# Macromedia Fireworks 8 - how to fade one picture / object into another



## smaulpaul (Jul 15, 2005)

Hi all, having recently upgrading to Fireworks 8 there is one thing that I always seem to have problems with and quite frankly it is doing my head in.

I want to take a photo, place it on my canvass and fade one of the sides away into the next picture. Just a simple fade. I have tried the black to white and white to black gradients but they just don't cut the mustard. 

Does anyone know how to do this?

thanks in advance


----------



## covert215 (Apr 22, 2006)

Put a solid color over the area that you the color changed. Mess with the blending options in the top right side of the properties (i.e. screen, multiply, tint) until you find one that accomplishes what you want.


----------



## smaulpaul (Jul 15, 2005)

That doesn't seem to do what I am wanting to accomplish. 

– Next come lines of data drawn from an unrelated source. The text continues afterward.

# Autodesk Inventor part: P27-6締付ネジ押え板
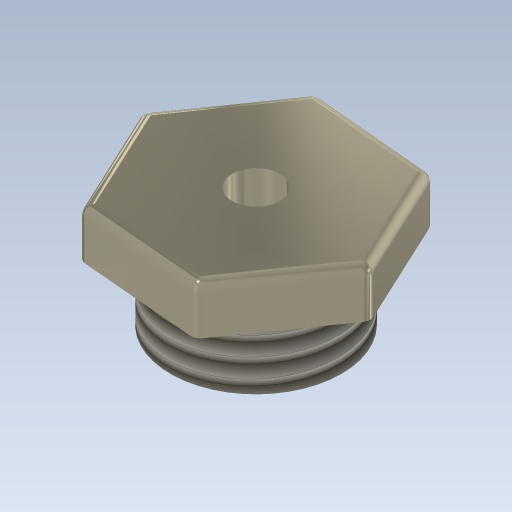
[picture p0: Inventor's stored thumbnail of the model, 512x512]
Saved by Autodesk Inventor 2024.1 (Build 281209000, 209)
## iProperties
Shininess: 64.0
Length Units: 11269
Angle Units: 11279
Time Units: 11290
Mass Units: 11284
Length Display Precision: 2
Angle Display Precision: 1
Created: 2002-10
Part Number: P27-6締付ネジ押え板
Document SubType Name: ﾓﾃﾞﾘﾝｸﾞ
Designer: 株式会社富士システム
Stock Number: P24-6締付ネジ押え板
Density: 1 g/cm^3
Material: 一般
Appearance: ニッケル
Density: 0.0
Volumn: 0.0
Area: 0.0
PropertySet Name: Model Information
Control State: 0
Master: False
Checked Out: False
Author: 株式会社富士システム
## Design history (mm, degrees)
sketch "ｽｹｯﾁ1"
  geometry: C1 r 18 at (16.993, -14.869)
  constraints: 1 centre point
  dimensions: "d0" = 36 diameter of C1
extrude "押し出し1" new body sketch "ｽｹｯﾁ1" distance "d1" = 15; taper "d2" = 0 deg
sketch "ｽｹｯﾁ2"
  geometry: L1 (11.232, -24.066)-(-15.225, -21.76); L2 (-15.225, -21.76)-(-26.458, 2.305); L3 (-26.458, 2.305)-(-11.232, 24.066); L4 (-11.232, 24.066)-(15.225, 21.76); L5 (15.225, 21.76)-(26.458, -2.305); L6 (26.458, -2.305)-(11.232, -24.066); C1 r 18 at (0, 0) reference; 1 further point
  constraints: 12 end point, 1 coincident, 11 other
  dimensions: "d4" = 23 distance from line of L4 L5.end
extrude "押し出し2" join sketch "ｽｹｯﾁ2" distance "d5" = 10; taper "d6" = 0 deg
feature "ねじ1" dims "d7" = 10, "d8" = 0
sketch "ｽｹｯﾁ3"
  geometry: C1 r 18 at (0, 0) reference; C2 r 5 at (0, 0)
  constraints: 1 centre point, 1 coincident
  dimensions: "d9" = 10 diameter of C2
extrude "押し出し3" cut sketch "ｽｹｯﾁ3" extent not by distance; stored distance "d10" = 10; taper "d11" = 0 deg
fillet "ﾌｨﾚｯﾄ1" dims "d12" = 2
node "ソリッド1"
node "ソリッド ボディ"
node "サーフェス ボディ"
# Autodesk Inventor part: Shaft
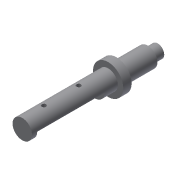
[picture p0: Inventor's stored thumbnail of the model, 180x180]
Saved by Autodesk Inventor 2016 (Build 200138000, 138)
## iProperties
Created: 2009-04
Part Number: Shaft
Document SubType Name: Modeling
Designer: Sham
Density: 1 g/cm^3
Material: Generic
Appearance: Default
Author: Sham
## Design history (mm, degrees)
sketch "Sketch1"
  geometry: C1 r 18.75 at (511.175, 103.188)
  constraints: 1 centre point
  dimensions: "d0" = 37.5 diameter of C1
extrude "Extrusion1" new body sketch "Sketch1" distance "d1" = 28.9; taper "d2" = 0 deg
sketch "Sketch2"
  geometry: C1 r 28 at (0, 0)
  constraints: 1 centre point
  dimensions: "d3" = 56 diameter of C1
extrude "Extrusion2" join sketch "Sketch2" distance "d4" = 89.8; taper "d5" = 0 deg
sketch "Sketch3"
  geometry: C1 r 43.6 at (0, 0)
  constraints: 1 centre point
  dimensions: "d6" = 87.2 diameter of C1
extrude "Extrusion3" join sketch "Sketch3" distance "d7" = 24; taper "d8" = 0 deg
sketch "Sketch4"
  geometry: C1 r 43.6 at (0, 0) reference; C2 r 28 at (0, 0)
  constraints: 1 centre point, 1 coincident
  dimensions: "d9" = 56 diameter of C2
extrude "Extrusion4" join sketch "Sketch4" distance "d10" = 247.1; taper "d11" = 0 deg
workplane "Work Plane1"
sketch "Sketch5"
  geometry: L1 (28, 0)-(-28, 0); C1 r 43.6 at (0, 0) reference; A1 r 28 centre (0, 0) between (-28, 0) and (28, 0)
  constraints: 2 end point, 2 point on circle, 1 centre point, 1 concentric, 1 horizontal
  dimensions: "d13" = 56 diameter of A1
extrude "Extrusion5" cut sketch "Sketch5" distance "d14" = 193.8; taper "d15" = 0 deg
hole "Hole1" diameter "d18" = 12.5; stored, may be unused: countersink angle "d22" = 90 deg, drill point angle "d24" = 118 deg; dims "d16" = 28, "d17" = 46.9, "d19" = 6, "d20" = 4, "d21" = 2, "d23" = 8
pattern_linear "Rectangular Pattern1" dims "d27" = 100
body "Solid1"
other parameters: "d12" = -15.1

Let's say I have a bright picture. I also have a white "block" next to it which I want the to wimages to fade together. I want the bright picture to eventually fade into that white.

Also, I'd like to know how I can fade it to black.

Hope that explains it better


----------



## Rockn (Jul 29, 2001)

You need to use layers in order to do this. Create a new layer and fill it with white and drag that layer below your original. Click on your original image layer and clic the add layer mask button at the bottom of the layers toolbar.Fill the layer mask with a gradient that is linear if that is what you want and drag across the front of the image in the direction you want the fade to go. To do a black fade just make the original background layer black instead of white.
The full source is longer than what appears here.